The outer loop iterates over the blocks in the $j$ direction and each thread fetches an element from $x$ and places it in the shared memory buffer. Before proceeding to the actual computation, we need to make sure that the shared buffer has been populated fully, thus we insert a thread barrier with `cuda.syncthreads()`. This barrier affects *only* the threads of a single block. We then move to the actual computation where each thread computes a row inside the sliding window. At the end we have to synchronize again, since we need to make sure that the `lx` buffer is consumed fully, before we start refilling it in the next iteration. Finally, after the threads have gone through all the blocks in the $j$ direction, they compute the final result in $y$.


### Exercise

> 1. Try omitting `cuda.syncthreads()`. What do you see? What if you change the block size to 32?
> 2. Compare the performance of this kernel with the standard kernel with column-major layout that we presented before. Which one is faster?
> 3. Run `nvprof` on the `src/matvec.py` and try to understand what could be the overhead.

As you might have noticed, this kernel is 20% slower than the seemingly naive one. In fact, we shouldn't have expected any improvement whatsoever, since the "naive" kernel already hits the memory bandwidth limit. But why manually caching didn't work? When the shared memory is not used as a scratchpad memory, it functions as a standard L1 cache. So, essentially, the caching of $x$ did happen implicitly in the original version. The only thing we have achieved with the shared memory version is to introduce an additional computational overhead due to the sliding window; `nvprof` shows that. Truth must be said though, that in the early generations of NVIDIA GPUs, where shared memory did not function as a standard cache, this optimization did give you additional performance.

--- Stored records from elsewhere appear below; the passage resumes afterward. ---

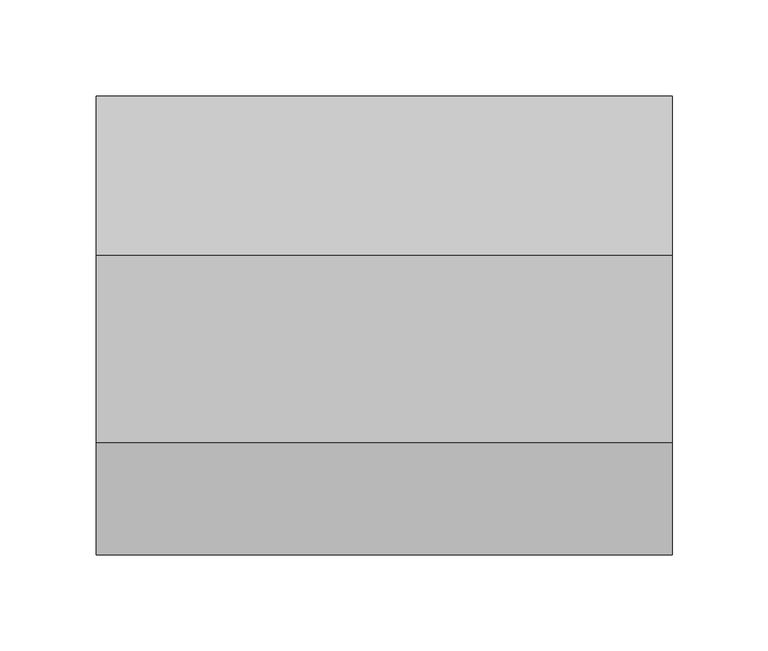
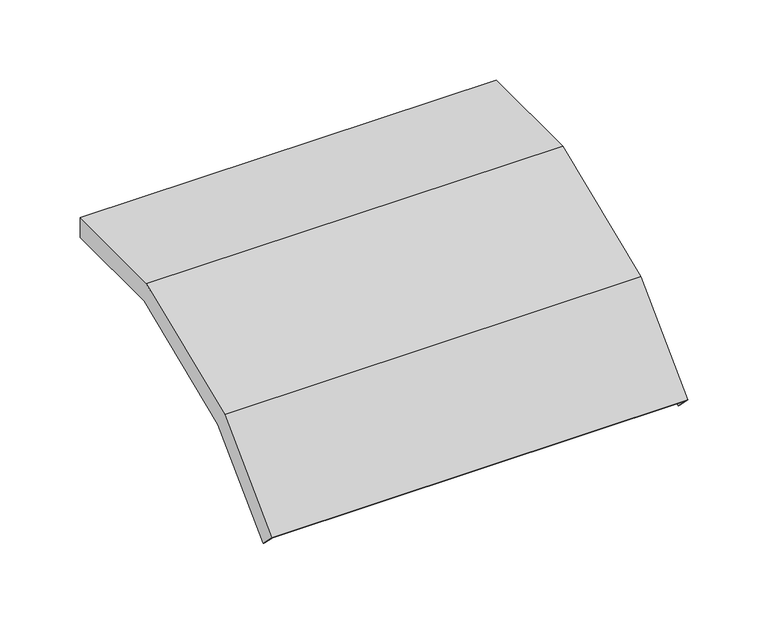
"""IFC4 building model written with IfcOpenShell, lengths in millimetres: proxy geometry, Cable_Tray_Cover_TCXERC45_Basortray : Basortray TCXERC45-300x100-GS."""

from ifc_helpers import new_model, si_unit, origin, place, context, project, spatial, faceted_brep, source, transform, mapped, element, save


def generic_models_243004cf(model_context):
    return source(origin(), model_context, "Body", "Brep", [
        faceted_brep([(-150.0, 0.0, 1.0), (150.0, 0.0, 1.0), (150.0, 0.0, -14.0), (149.0, 0.0, -14.0), (149.0, 0.0, 0.0), (-149.0, 0.0, 0.0), (-149.0, 0.0, -14.0), (-150.0, 0.0, -14.0), (-150.0, -239.1764587, -98.070133), (-150.0, -228.5698569, -108.6767347), (-149.0, -228.5698569, -108.6767347), (-149.0, -238.4693519, -98.7772398), (149.0, -238.4693519, -98.7772398), (149.0, -228.5698569, -108.6767347), (150.0, -228.5698569, -108.6767347), (150.0, -239.1764587, -98.070133), (-150.0, -82.8749222, 1.0), (150.0, -82.8749222, 1.0), (150.0, -180.5750391, -39.4687135), (150.0, -172.0782217, -52.1850994), (150.0, -79.8912367, -14.0), (149.0, -79.8912367, -14.0), (149.0, -172.0782217, -52.1850994), (149.0, -180.0085846, -40.3164725), (149.0, -82.6760099, 0.0), (-149.0, -82.6760099, 0.0), (-149.0, -180.0085846, -40.3164725), (-149.0, -172.0782217, -52.1850994), (-149.0, -79.8912367, -14.0), (-150.0, -79.8912367, -14.0), (-150.0, -172.0782217, -52.1850994), (-150.0, -180.5750391, -39.4687135)], [[[0, 1, 2, 3, 4, 5, 6, 7]], [[8, 9, 10, 11, 12, 13, 14, 15]], [[1, 0, 16, 17]], [[2, 1, 17, 18, 15, 14, 19, 20]], [[3, 2, 20, 21]], [[4, 3, 21, 22, 13, 12, 23, 24]], [[5, 4, 24, 25]], [[6, 5, 25, 26, 11, 10, 27, 28]], [[7, 6, 28, 29]], [[0, 7, 29, 30, 9, 8, 31, 16]], [[17, 16, 31, 18]], [[21, 20, 19, 22]], [[25, 24, 23, 26]], [[29, 28, 27, 30]], [[18, 31, 8, 15]], [[22, 19, 14, 13]], [[26, 23, 12, 11]], [[30, 27, 10, 9]]]),
    ])


if __name__ == "__main__":
    model = new_model("IFC4")
    model_context = context("Model", 3, world=origin())
    ifc_project = project(units=[si_unit("LENGTHUNIT", "METRE", prefix="MILLI")], contexts=[model_context])
    site = spatial("IfcSite", under=ifc_project)
    building = spatial("IfcBuilding", under=site)
    placement = place(None, origin())
    generic_models_shape = generic_models_243004cf(model_context)
    element("IfcBuildingElementProxy", 1, Name="Cable_Tray_Cover_TCXERC45_Basortray : Basortray TCXERC45-300x100-GS", ObjectType="Cable_Tray_Cover_TCXERC45_Basortray : Basortray TCXERC45-300x100-GS", at=placement, inside=building, context=model_context, shape_type="MappedRepresentation", body=[
        mapped(generic_models_shape, transform((0.0, 0.0, 0.0), x_axis=(1.0, 0.0, 0.0), y_axis=(0.0, 1.0, 0.0), z_axis=(0.0, 0.0, 1.0))),
    ])
    save(model, "model.ifc")

So when is shared memory beneficial? It is only when you have a kernel with a high arithmetic intensity, which implies some significant temporal locality in the memory accesses. The most prominent example of such a kernel is the matrix-matrix multiplication, which has an arithmetic intensity at the order of $N$. In such a case, you could use the shared memory to implement the tiling algorithm. An example implementation with Numba an be found [here](http://numba.pydata.org/numba-doc/latest/cuda/examples.html?highlight=matrix%20matrix#matrix-multiplication). Another candidate user of shared memory could be layered stencil computations, where you could cache the intermediate layers.